According to 101 East, it’s also a key transit hub for smugglers transporting ivory from Africa to China: between 2000 and 2014, customs officials seized some 33 tonnes of ivory, taken from an estimated 11 000 elephants.

As Cheryl Lo from the World Wildlife Fund says, “If that’s how much was seized because they are checking one percent of the cargo… then how much was not seized?”

Hong Kong has pledged to tighten border controls and has started incinerating confiscated ivory. The city banned ivory trading in 1989, but with one exception.

Special licenses were granted to businesses that held 665 tonnes or more of existing stock.

The logic then was that these traders should be allowed to exhaust their inventory before the imposition of a total ban. Under the law, domestic sales by licensed traders were considered legal, but ivory exports were prohibited.

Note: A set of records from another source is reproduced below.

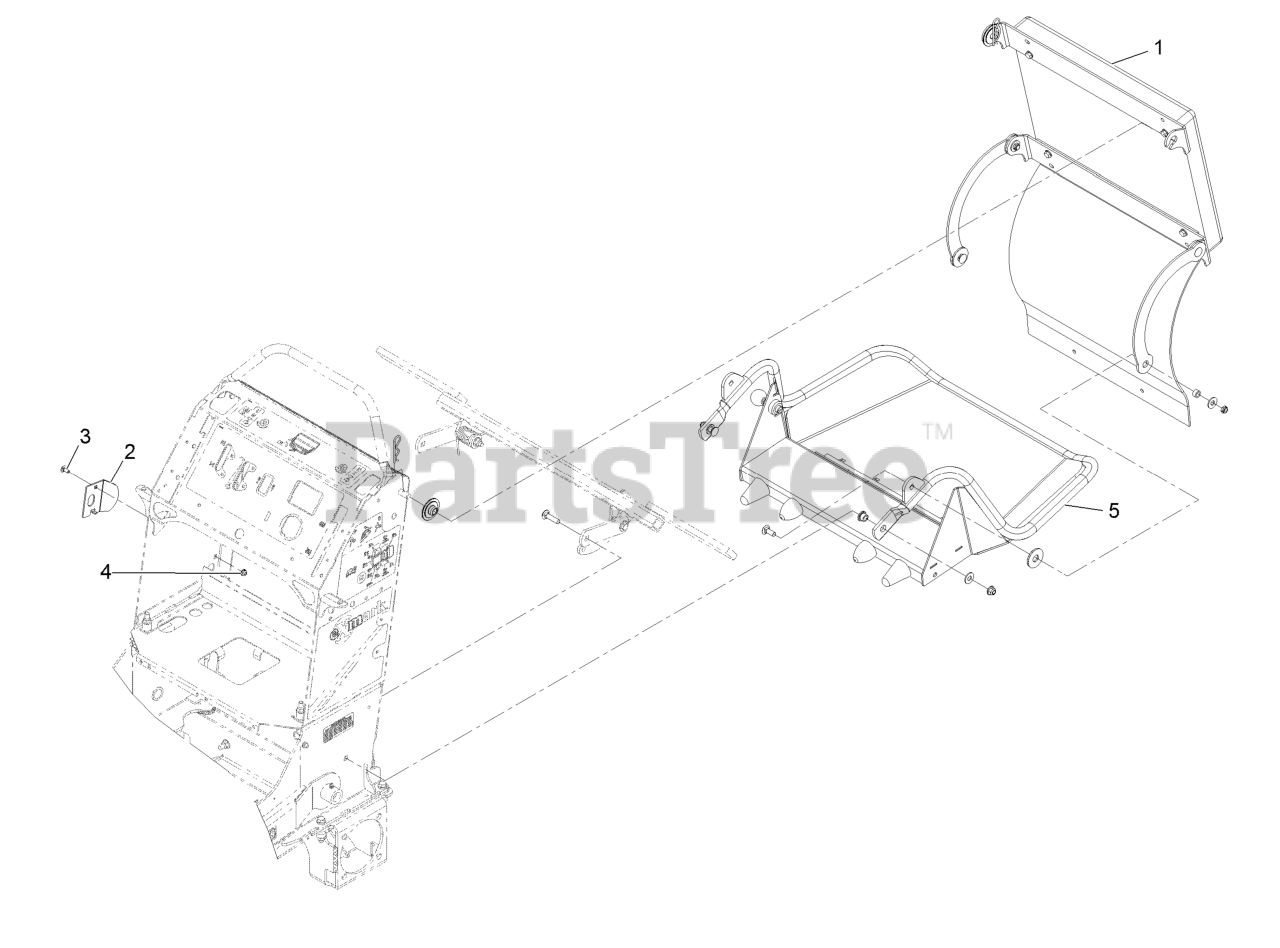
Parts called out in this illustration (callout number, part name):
1	ASM, Cushion
2	Plate-Striker
3	Bolt-Carriage 1/4-20 X 5/8
4	Nut-Nyloc 1/4-20 Flg
5	ASM,Platform
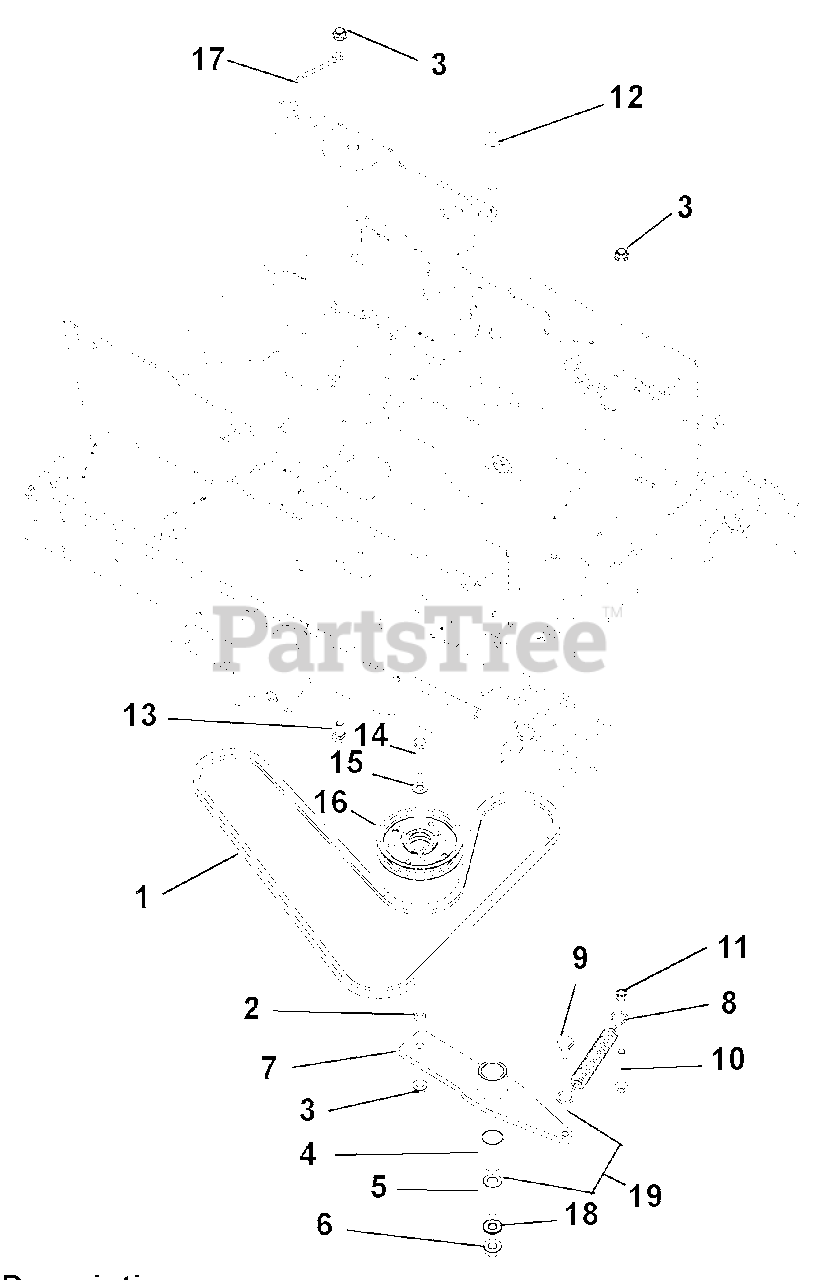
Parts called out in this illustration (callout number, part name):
1	V-BELT, 4L-WRAPPED
2	WSHR-FL-STL .406X1.375X.135 YZ
3	@NUT-LK-NYL-FLG .38-16 YWZC
4	BSHG, 1.00 X 1.125 X 1.937
5	BSHG, SPCR .502X.997X2.03 PM
6	@NUT-LK-NYL-FLG .50-13 YWZC
7	HYDRO DRIVE IDLER ARM WMT -BLK
8	SPRING, EXTENSION
9	BLT,SHLDR EP .38-16X.30 HEX YZ
10	@BLT-HEX .38-16X2.50 GR5 YWZC
11	@NUT-HEX .38-16 YWZC
12	@BLT-HEX .50-13X3.25 GR5 YWZC
13	@BLT-RDHDSQNK .38-16X1.00 G5YZ
14	@BLT-HEX .38-16X2.00 GR5 YWZC
15	@WSHR-FL-STL.406X.812X.065 YWZ
16	ASM, 4" IDLER (.75 WIDE)
17	BELT FINGER
18	WSHR-FL-STL.511X1.441X.125 YWZ
19	ASM, IDLER PIVOT ARM (HYDRO)

Curiously, this legal stockpile of ivory has barely gone down since 2010. Hong Kong traders explain to 101 East’s undercover investigators how certificates for legal, registered ivory can be used to disguise illegal imports. They also advise 101 East how to smuggle ivory out of Hong Kong and offer to introduce them to smugglers who could do it for them.

A simple online search takes 101 East to advertisements from Chinese companies soliciting African ivory, despite China’s promise to phase out the sale of ivory and its current one-year ban on the import of carved products.

In Shanghai, undercover journalists pose as newcomers to the business with access to 20 kilos of African ivory. They easily find willing buyers and are told by a middleman that his company is able to obtain legal documents for illegal ivory.

They then travel to Fuzhou, posing as a representative of a rich businessman interested in buying more than 10 elephant tusks. While they struggle to find an illegal dealer there, they are told that it’s possible to arrange a legal hunt for between $80-90 000, where they’d be able to take the tusks home as trophies.

“It’s a sobering realization,” says Chao.

“For all the laws regulating the ivory trade, there’s a perfectly legal way to shoot an elephant and take its tusks. As long as buyers are willing to pay, it seems someone, somewhere, will find a way to get them their white gold. And with poaching still a problem, these animals face greater danger than ever before,” he adds.